[Stored items from a collection]

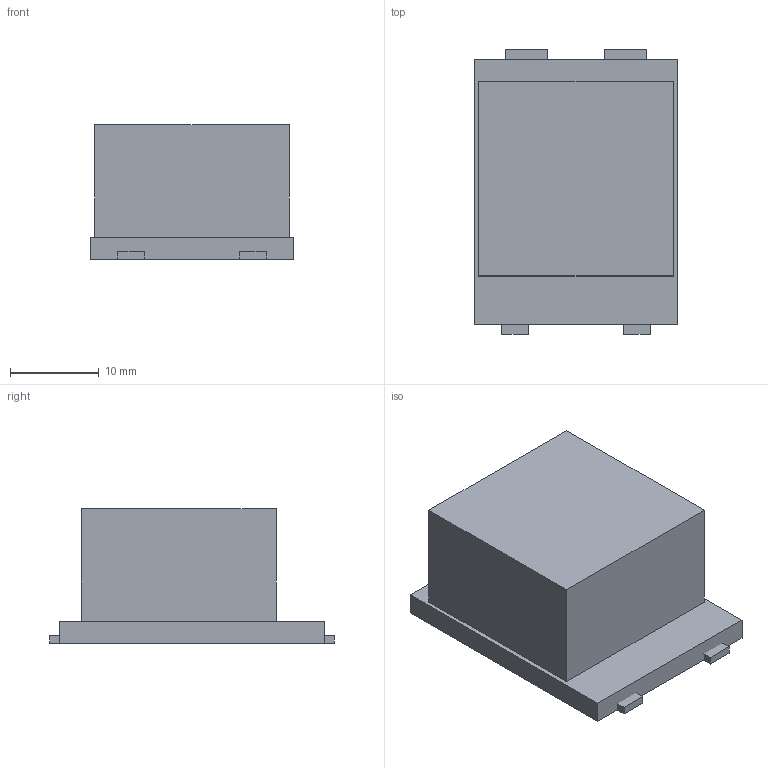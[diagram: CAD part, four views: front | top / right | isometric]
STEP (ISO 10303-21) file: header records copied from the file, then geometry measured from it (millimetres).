
FILE_DESCRIPTION(('Open CASCADE Model'),'2;1');
FILE_NAME('Open CASCADE Shape Model','2000-01-01T00:00:00',('Author'),( 'Open CASCADE'),'Open CASCADE STEP processor 7.9','Open CASCADE 7.9' ,'Unknown');
FILE_SCHEMA(('AUTOMOTIVE_DESIGN { 1 0 10303 214 1 1 1 1 }'));
Length unit declared in the file: millimetre
Products named in the file (7): Open CASCADE STEP translator 7.9 1; Open CASCADE STEP translator 7.9 1.1; Open CASCADE STEP translator 7.9 1.2; Open CASCADE STEP translator 7.9 1.3; Open CASCADE STEP translator 7.9 1.4; Open CASCADE STEP translator 7.9 1.5; Open CASCADE STEP translator 7.9 1.6
Assembly tree (6 placements, depth 2):
  Open CASCADE STEP translator 7.9 1
    Open CASCADE STEP translator 7.9 1.1
    Open CASCADE STEP translator 7.9 1.2
    Open CASCADE STEP translator 7.9 1.3
    Open CASCADE STEP translator 7.9 1.4
    Open CASCADE STEP translator 7.9 1.5
    Open CASCADE STEP translator 7.9 1.6
Bounding box: 23 x 32.1 x 15.2 mm (x, y, z)
Volume: 7974.4 mm3; surface area: 4035.6 mm2
Topology: 6 solids, 6 shells, 36 faces, 72 edges, 48 vertices
Faces by surface type: plane 36
Entity records: 1960 total; most frequent: CARTESIAN_POINT 307, DIRECTION 302, LINE 216, VECTOR 216, ORIENTED_EDGE 144, PCURVE 144, DEFINITIONAL_REPRESENTATION 144, EDGE_CURVE 72
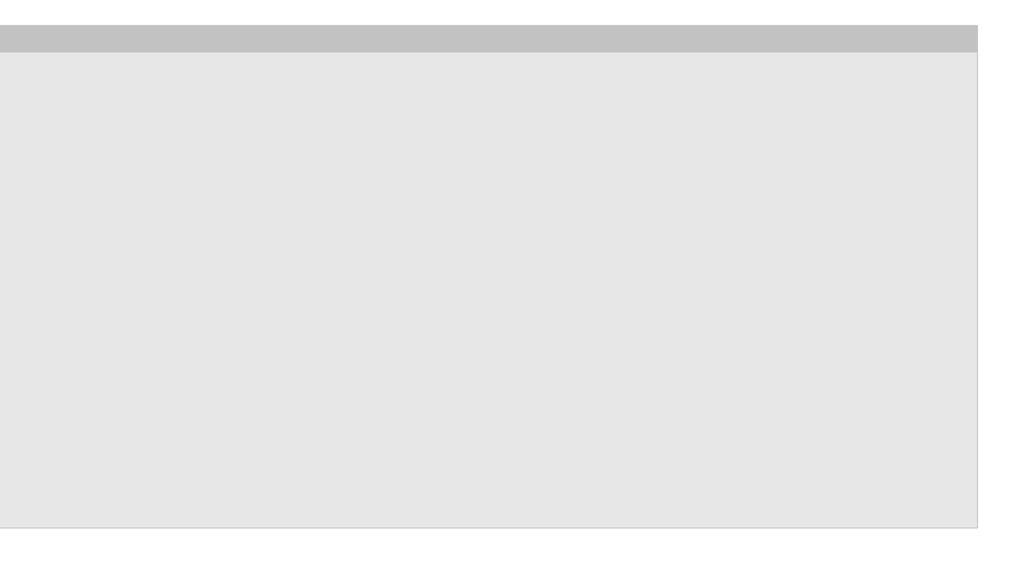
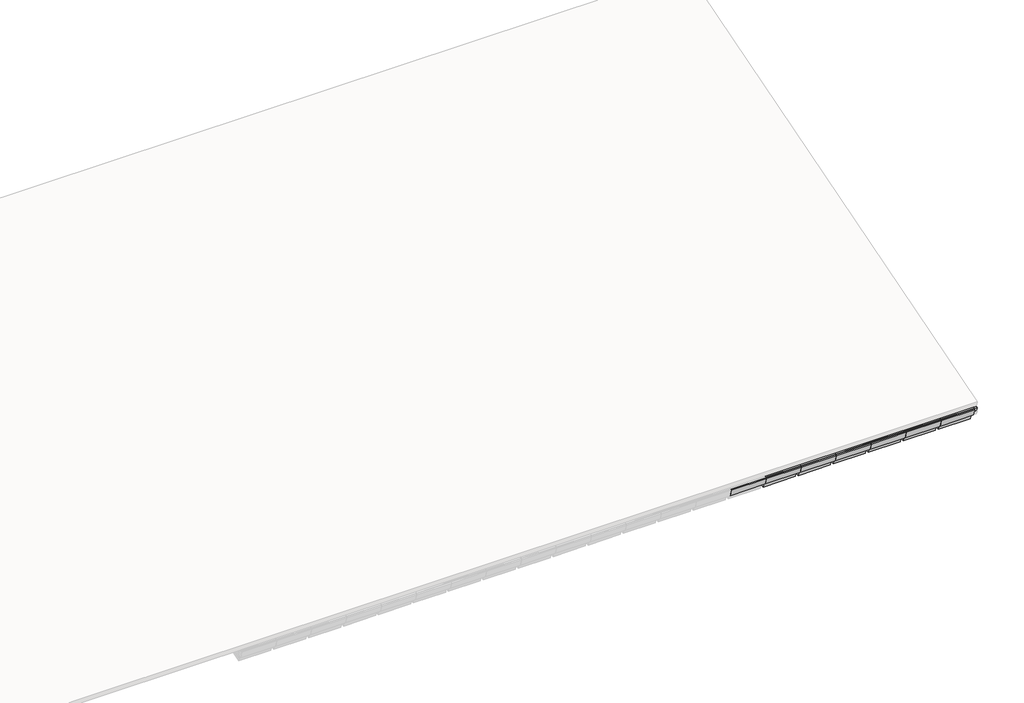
# One storey, part 44 of 57: 77 members, 45 plates.
"""IFC4 building model written with IfcOpenShell, lengths in millimetres."""

from ifc_helpers import new_model, si_unit, origin, place, context, project, spatial, transform, mapped, element, save
from components import rectangular_mullion_59984080, rectangular_mullion_71c73389, rectangular_mullion_e3e5c75d, rectangular_mullion_2d2423ea, rectangular_mullion_4162b89b, rectangular_mullion_883ae41b, rectangular_mullion_caibro_e4384bba, rectangular_mullion_caibro_f55aeefc, rectangular_mullion_caibro_7d910be2, rectangular_mullion_caibro_0993a3cf, empty_system_panel_vazio_178faf58, empty_system_panel_vazio_2c78850d

model = new_model("IFC4")

# Units and contexts
model_context = context("Model", 3, world=origin())
ifc_project = project(units=[si_unit("LENGTHUNIT", "METRE", prefix="MILLI")], contexts=[model_context])

# Site, building, storey
site = spatial("IfcSite", under=ifc_project)
building = spatial("IfcBuilding", under=site)
storey = spatial("IfcBuildingStorey", under=building, Name="Nível 2", Elevation=4100.0)

# Members
placement = place(None, origin())
rectangular_mullion_shape = rectangular_mullion_59984080(model_context)
element("IfcMember", 1, ObjectType="Rectangular Mullion : Ripa", at=placement, inside=storey, context=model_context, shape_type="MappedRepresentation", body=[
    mapped(rectangular_mullion_shape, transform((39391.1303069, 7422.2287521, 3376.7178042), x_axis=(0.0, 0.9578262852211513, 0.2873478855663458), y_axis=(0.0, 0.2873478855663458, -0.9578262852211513), z_axis=(-1.0, 0.0, 0.0))),
])
element("IfcMember", 2, ObjectType="Rectangular Mullion : Ripa", at=placement, inside=storey, context=model_context, shape_type="MappedRepresentation", body=[
    mapped(rectangular_mullion_shape, transform((39988.1850634, 7422.2287521, 3376.7178042), x_axis=(0.0, 0.9578262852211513, 0.2873478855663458), y_axis=(0.0, 0.2873478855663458, -0.9578262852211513), z_axis=(-1.0, 0.0, 0.0))),
])
element("IfcMember", 3, ObjectType="Rectangular Mullion : Ripa", at=placement, inside=storey, context=model_context, shape_type="MappedRepresentation", body=[
    mapped(rectangular_mullion_shape, transform((40585.2398198, 7422.2287521, 3376.7178042), x_axis=(0.0, 0.9578262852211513, 0.2873478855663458), y_axis=(0.0, 0.2873478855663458, -0.9578262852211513), z_axis=(-1.0, 0.0, 0.0))),
])
element("IfcMember", 4, ObjectType="Rectangular Mullion : Ripa", at=placement, inside=storey, context=model_context, shape_type="MappedRepresentation", body=[
    mapped(rectangular_mullion_shape, transform((41182.2945762, 7422.2287521, 3376.7178042), x_axis=(0.0, 0.9578262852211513, 0.2873478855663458), y_axis=(0.0, 0.2873478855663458, -0.9578262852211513), z_axis=(-1.0, 0.0, 0.0))),
])
element("IfcMember", 5, ObjectType="Rectangular Mullion : Ripa", at=placement, inside=storey, context=model_context, shape_type="MappedRepresentation", body=[
    mapped(rectangular_mullion_shape, transform((41779.3493326, 7422.2287521, 3376.7178042), x_axis=(0.0, 0.9578262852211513, 0.2873478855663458), y_axis=(0.0, 0.2873478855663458, -0.9578262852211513), z_axis=(-1.0, 0.0, 0.0))),
])
element("IfcMember", 6, ObjectType="Rectangular Mullion : Ripa", at=placement, inside=storey, context=model_context, shape_type="MappedRepresentation", body=[
    mapped(rectangular_mullion_shape, transform((39391.1303069, 7792.4060108, 3487.7709818), x_axis=(0.0, 0.9578262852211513, 0.2873478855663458), y_axis=(0.0, 0.2873478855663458, -0.9578262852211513), z_axis=(-1.0, 0.0, 0.0))),
])
element("IfcMember", 7, ObjectType="Rectangular Mullion : Ripa", at=placement, inside=storey, context=model_context, shape_type="MappedRepresentation", body=[
    mapped(rectangular_mullion_shape, transform((39988.1850634, 7792.4060108, 3487.7709818), x_axis=(0.0, 0.9578262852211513, 0.2873478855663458), y_axis=(0.0, 0.2873478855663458, -0.9578262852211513), z_axis=(-1.0, 0.0, 0.0))),
])
element("IfcMember", 8, ObjectType="Rectangular Mullion : Ripa", at=placement, inside=storey, context=model_context, shape_type="MappedRepresentation", body=[
    mapped(rectangular_mullion_shape, transform((40585.2398198, 7792.4060108, 3487.7709818), x_axis=(0.0, 0.9578262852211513, 0.2873478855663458), y_axis=(0.0, 0.2873478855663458, -0.9578262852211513), z_axis=(-1.0, 0.0, 0.0))),
])
element("IfcMember", 9, ObjectType="Rectangular Mullion : Ripa", at=placement, inside=storey, context=model_context, shape_type="MappedRepresentation", body=[
    mapped(rectangular_mullion_shape, transform((41182.2945762, 7792.4060108, 3487.7709818), x_axis=(0.0, 0.9578262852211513, 0.2873478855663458), y_axis=(0.0, 0.2873478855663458, -0.9578262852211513), z_axis=(-1.0, 0.0, 0.0))),
])
element("IfcMember", 10, ObjectType="Rectangular Mullion : Ripa", at=placement, inside=storey, context=model_context, shape_type="MappedRepresentation", body=[
    mapped(rectangular_mullion_shape, transform((41779.3493326, 7792.4060108, 3487.7709818), x_axis=(0.0, 0.9578262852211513, 0.2873478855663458), y_axis=(0.0, 0.2873478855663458, -0.9578262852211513), z_axis=(-1.0, 0.0, 0.0))),
])
element("IfcMember", 11, ObjectType="Rectangular Mullion : Ripa", at=placement, inside=storey, context=model_context, shape_type="MappedRepresentation", body=[
    mapped(rectangular_mullion_shape, transform((32226.4732298, 8162.5832694, 3598.8241594), x_axis=(0.0, 0.9578262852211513, 0.2873478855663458), y_axis=(0.0, 0.2873478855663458, -0.9578262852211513), z_axis=(-1.0, 0.0, 0.0))),
])
element("IfcMember", 12, ObjectType="Rectangular Mullion : Ripa", at=placement, inside=storey, context=model_context, shape_type="MappedRepresentation", body=[
    mapped(rectangular_mullion_shape, transform((32823.5279863, 8162.5832694, 3598.8241594), x_axis=(0.0, 0.9578262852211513, 0.2873478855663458), y_axis=(0.0, 0.2873478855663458, -0.9578262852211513), z_axis=(-1.0, 0.0, 0.0))),
])
element("IfcMember", 13, ObjectType="Rectangular Mullion : Ripa", at=placement, inside=storey, context=model_context, shape_type="MappedRepresentation", body=[
    mapped(rectangular_mullion_shape, transform((33420.5827427, 8162.5832694, 3598.8241594), x_axis=(0.0, 0.9578262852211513, 0.2873478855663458), y_axis=(0.0, 0.2873478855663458, -0.9578262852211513), z_axis=(-1.0, 0.0, 0.0))),
])
element("IfcMember", 14, ObjectType="Rectangular Mullion : Ripa", at=placement, inside=storey, context=model_context, shape_type="MappedRepresentation", body=[
    mapped(rectangular_mullion_shape, transform((32226.4732298, 8532.7605281, 3709.877337), x_axis=(0.0, 0.9578262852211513, 0.2873478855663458), y_axis=(0.0, 0.2873478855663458, -0.9578262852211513), z_axis=(-1.0, 0.0, 0.0))),
])
element("IfcMember", 15, ObjectType="Rectangular Mullion : Ripa", at=placement, inside=storey, context=model_context, shape_type="MappedRepresentation", body=[
    mapped(rectangular_mullion_shape, transform((32823.5279863, 8532.7605281, 3709.877337), x_axis=(0.0, 0.9578262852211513, 0.2873478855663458), y_axis=(0.0, 0.2873478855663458, -0.9578262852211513), z_axis=(-1.0, 0.0, 0.0))),
])
element("IfcMember", 16, ObjectType="Rectangular Mullion : Ripa", at=placement, inside=storey, context=model_context, shape_type="MappedRepresentation", body=[
    mapped(rectangular_mullion_shape, transform((33420.5827427, 8532.7605281, 3709.877337), x_axis=(0.0, 0.9578262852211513, 0.2873478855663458), y_axis=(0.0, 0.2873478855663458, -0.9578262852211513), z_axis=(-1.0, 0.0, 0.0))),
])
element("IfcMember", 17, ObjectType="Rectangular Mullion : Ripa", at=placement, inside=storey, context=model_context, shape_type="MappedRepresentation", body=[
    mapped(rectangular_mullion_shape, transform((32226.4732298, 8902.9377868, 3820.9305146), x_axis=(0.0, 0.9578262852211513, 0.2873478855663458), y_axis=(0.0, 0.2873478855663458, -0.9578262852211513), z_axis=(-1.0, 0.0, 0.0))),
])
element("IfcMember", 18, ObjectType="Rectangular Mullion : Ripa", at=placement, inside=storey, context=model_context, shape_type="MappedRepresentation", body=[
    mapped(rectangular_mullion_shape, transform((32823.5279863, 8902.9377868, 3820.9305146), x_axis=(0.0, 0.9578262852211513, 0.2873478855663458), y_axis=(0.0, 0.2873478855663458, -0.9578262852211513), z_axis=(-1.0, 0.0, 0.0))),
])
element("IfcMember", 19, ObjectType="Rectangular Mullion : Ripa", at=placement, inside=storey, context=model_context, shape_type="MappedRepresentation", body=[
    mapped(rectangular_mullion_shape, transform((33420.5827427, 8902.9377868, 3820.9305146), x_axis=(0.0, 0.9578262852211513, 0.2873478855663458), y_axis=(0.0, 0.2873478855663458, -0.9578262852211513), z_axis=(-1.0, 0.0, 0.0))),
])
element("IfcMember", 20, ObjectType="Rectangular Mullion : Ripa", at=placement, inside=storey, context=model_context, shape_type="MappedRepresentation", body=[
    mapped(rectangular_mullion_shape, transform((32226.4732298, 9273.1150454, 3931.9836922), x_axis=(0.0, 0.9578262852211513, 0.2873478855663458), y_axis=(0.0, 0.2873478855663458, -0.9578262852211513), z_axis=(-1.0, 0.0, 0.0))),
])
element("IfcMember", 21, ObjectType="Rectangular Mullion : Ripa", at=placement, inside=storey, context=model_context, shape_type="MappedRepresentation", body=[
    mapped(rectangular_mullion_shape, transform((32823.5279863, 9273.1150454, 3931.9836922), x_axis=(0.0, 0.9578262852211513, 0.2873478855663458), y_axis=(0.0, 0.2873478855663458, -0.9578262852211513), z_axis=(-1.0, 0.0, 0.0))),
])
element("IfcMember", 22, ObjectType="Rectangular Mullion : Ripa", at=placement, inside=storey, context=model_context, shape_type="MappedRepresentation", body=[
    mapped(rectangular_mullion_shape, transform((33420.5827427, 9273.1150454, 3931.9836922), x_axis=(0.0, 0.9578262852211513, 0.2873478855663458), y_axis=(0.0, 0.2873478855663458, -0.9578262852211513), z_axis=(-1.0, 0.0, 0.0))),
])
element("IfcMember", 23, ObjectType="Rectangular Mullion : Ripa", at=placement, inside=storey, context=model_context, shape_type="MappedRepresentation", body=[
    mapped(rectangular_mullion_shape, transform((32226.4732298, 9643.2923041, 4043.0368698), x_axis=(0.0, 0.9578262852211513, 0.2873478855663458), y_axis=(0.0, 0.2873478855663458, -0.9578262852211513), z_axis=(-1.0, 0.0, 0.0))),
])
element("IfcMember", 24, ObjectType="Rectangular Mullion : Ripa", at=placement, inside=storey, context=model_context, shape_type="MappedRepresentation", body=[
    mapped(rectangular_mullion_shape, transform((32823.5279863, 9643.2923041, 4043.0368698), x_axis=(0.0, 0.9578262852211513, 0.2873478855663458), y_axis=(0.0, 0.2873478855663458, -0.9578262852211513), z_axis=(-1.0, 0.0, 0.0))),
])
element("IfcMember", 25, ObjectType="Rectangular Mullion : Ripa", at=placement, inside=storey, context=model_context, shape_type="MappedRepresentation", body=[
    mapped(rectangular_mullion_shape, transform((33420.5827427, 9643.2923041, 4043.0368698), x_axis=(0.0, 0.9578262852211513, 0.2873478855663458), y_axis=(0.0, 0.2873478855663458, -0.9578262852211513), z_axis=(-1.0, 0.0, 0.0))),
])
rectangular_mullion_2_shape = rectangular_mullion_71c73389(model_context)
element("IfcMember", 26, ObjectType="Rectangular Mullion : Ripa", at=placement, inside=storey, context=model_context, shape_type="MappedRepresentation", body=[
    mapped(rectangular_mullion_2_shape, transform((42326.4040894, 7004.1601792, 3251.2972323), x_axis=(0.0, -0.9578262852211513, -0.2873478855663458), y_axis=(0.0, 0.2873478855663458, -0.9578262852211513), z_axis=(1.0, 0.0, 0.0))),
])
rectangular_mullion_3_shape = rectangular_mullion_e3e5c75d(model_context)
element("IfcMember", 27, ObjectType="Rectangular Mullion : Ripa", at=placement, inside=storey, context=model_context, shape_type="MappedRepresentation", body=[
    mapped(rectangular_mullion_3_shape, transform((39366.1303069, 7004.1601792, 3251.2972323), x_axis=(0.0, -0.9578262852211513, -0.2873478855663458), y_axis=(0.0, 0.2873478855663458, -0.9578262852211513), z_axis=(1.0, 0.0, 0.0))),
])
element("IfcMember", 28, ObjectType="Rectangular Mullion : Ripa", at=placement, inside=storey, context=model_context, shape_type="MappedRepresentation", body=[
    mapped(rectangular_mullion_3_shape, transform((39963.1850634, 7004.1601792, 3251.2972323), x_axis=(0.0, -0.9578262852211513, -0.2873478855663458), y_axis=(0.0, 0.2873478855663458, -0.9578262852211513), z_axis=(1.0, 0.0, 0.0))),
])
element("IfcMember", 29, ObjectType="Rectangular Mullion : Ripa", at=placement, inside=storey, context=model_context, shape_type="MappedRepresentation", body=[
    mapped(rectangular_mullion_3_shape, transform((40560.2398198, 7004.1601792, 3251.2972323), x_axis=(0.0, -0.9578262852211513, -0.2873478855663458), y_axis=(0.0, 0.2873478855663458, -0.9578262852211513), z_axis=(1.0, 0.0, 0.0))),
])
element("IfcMember", 30, ObjectType="Rectangular Mullion : Ripa", at=placement, inside=storey, context=model_context, shape_type="MappedRepresentation", body=[
    mapped(rectangular_mullion_3_shape, transform((41157.2945762, 7004.1601792, 3251.2972323), x_axis=(0.0, -0.9578262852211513, -0.2873478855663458), y_axis=(0.0, 0.2873478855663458, -0.9578262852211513), z_axis=(1.0, 0.0, 0.0))),
])
element("IfcMember", 31, ObjectType="Rectangular Mullion : Ripa", at=placement, inside=storey, context=model_context, shape_type="MappedRepresentation", body=[
    mapped(rectangular_mullion_3_shape, transform((41754.3493326, 7004.1601792, 3251.2972323), x_axis=(0.0, -0.9578262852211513, -0.2873478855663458), y_axis=(0.0, 0.2873478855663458, -0.9578262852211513), z_axis=(1.0, 0.0, 0.0))),
])
rectangular_mullion_4_shape = rectangular_mullion_2d2423ea(model_context)
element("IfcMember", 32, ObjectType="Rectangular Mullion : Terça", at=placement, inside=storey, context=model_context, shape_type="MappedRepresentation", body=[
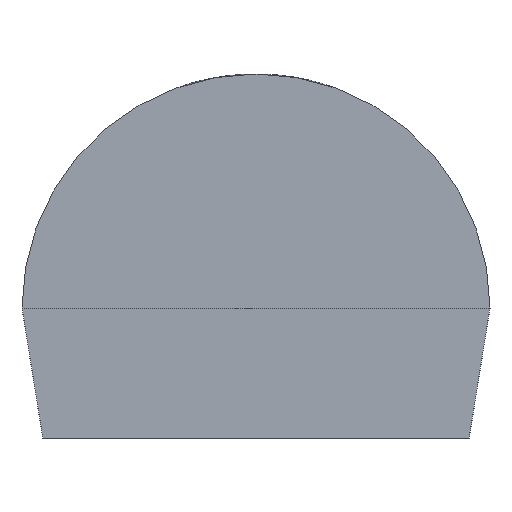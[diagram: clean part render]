
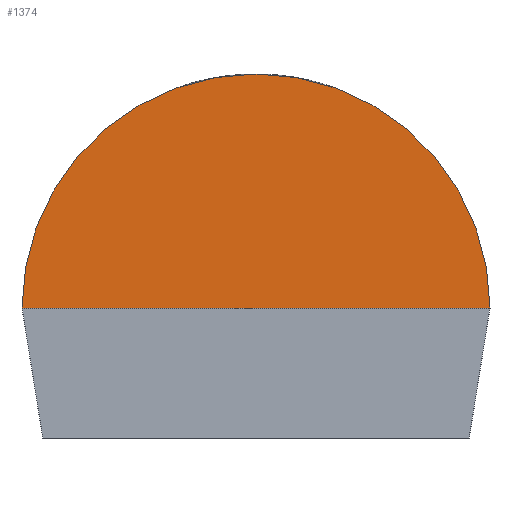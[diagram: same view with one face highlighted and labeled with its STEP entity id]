
A CAD part, left-side view. The second image highlights one B-rep face of the part: STEP entity #1374.
In plain terms, the highlighted planar face has unit normal (-1, 0, 0).
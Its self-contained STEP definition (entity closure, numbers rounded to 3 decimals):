
#1317=CARTESIAN_POINT('',(-0.,4.5,0.));
#1318=VERTEX_POINT('',#1317);
#1325=CARTESIAN_POINT('',(0.,0.,0.));
#1326=VERTEX_POINT('',#1325);
#1327=CARTESIAN_POINT('',(0.,2.25,0.));
#1328=DIRECTION('',(1.,0.,0.));
#1329=DIRECTION('',(-0.,1.,0.));
#1330=AXIS2_PLACEMENT_3D('',#1327,#1328,#1329);
#1331=CIRCLE('',#1330,2.25);
#1332=EDGE_CURVE('',#1318,#1326,#1331,.T.);
#1355=CARTESIAN_POINT('',(0.,0.,0.));
#1356=DIRECTION('',(-0.,1.,0.));
#1357=VECTOR('',#1356,4.5);
#1358=LINE('',#1355,#1357);
#1359=EDGE_CURVE('',#1326,#1318,#1358,.T.);
#1365=CARTESIAN_POINT('',(0.,0.,0.));
#1366=DIRECTION('',(1.,0.,0.));
#1367=DIRECTION('',(-0.,1.,0.));
#1368=AXIS2_PLACEMENT_3D('',#1365,#1366,#1367);
#1369=PLANE('',#1368);
#1370=ORIENTED_EDGE('',*,*,#1332,.F.);
#1371=ORIENTED_EDGE('',*,*,#1359,.F.);
#1372=EDGE_LOOP('',(#1370,#1371));
#1373=FACE_BOUND('',#1372,.T.);
#1374=ADVANCED_FACE('',(#1373),#1369,.F.);

| Instructions for the task |
All lines above between those holding "# One storey, part" and "from ifc_helpers import", inclusive, must be set down unchanged, and no other line may be included.

| Reply |
# One storey, part 44 of 57: 77 members, 45 plates.
"""IFC4 building model written with IfcOpenShell, lengths in millimetres."""

from ifc_helpers import new_model, si_unit, origin, place, context, project, spatial, transform, mapped, element, save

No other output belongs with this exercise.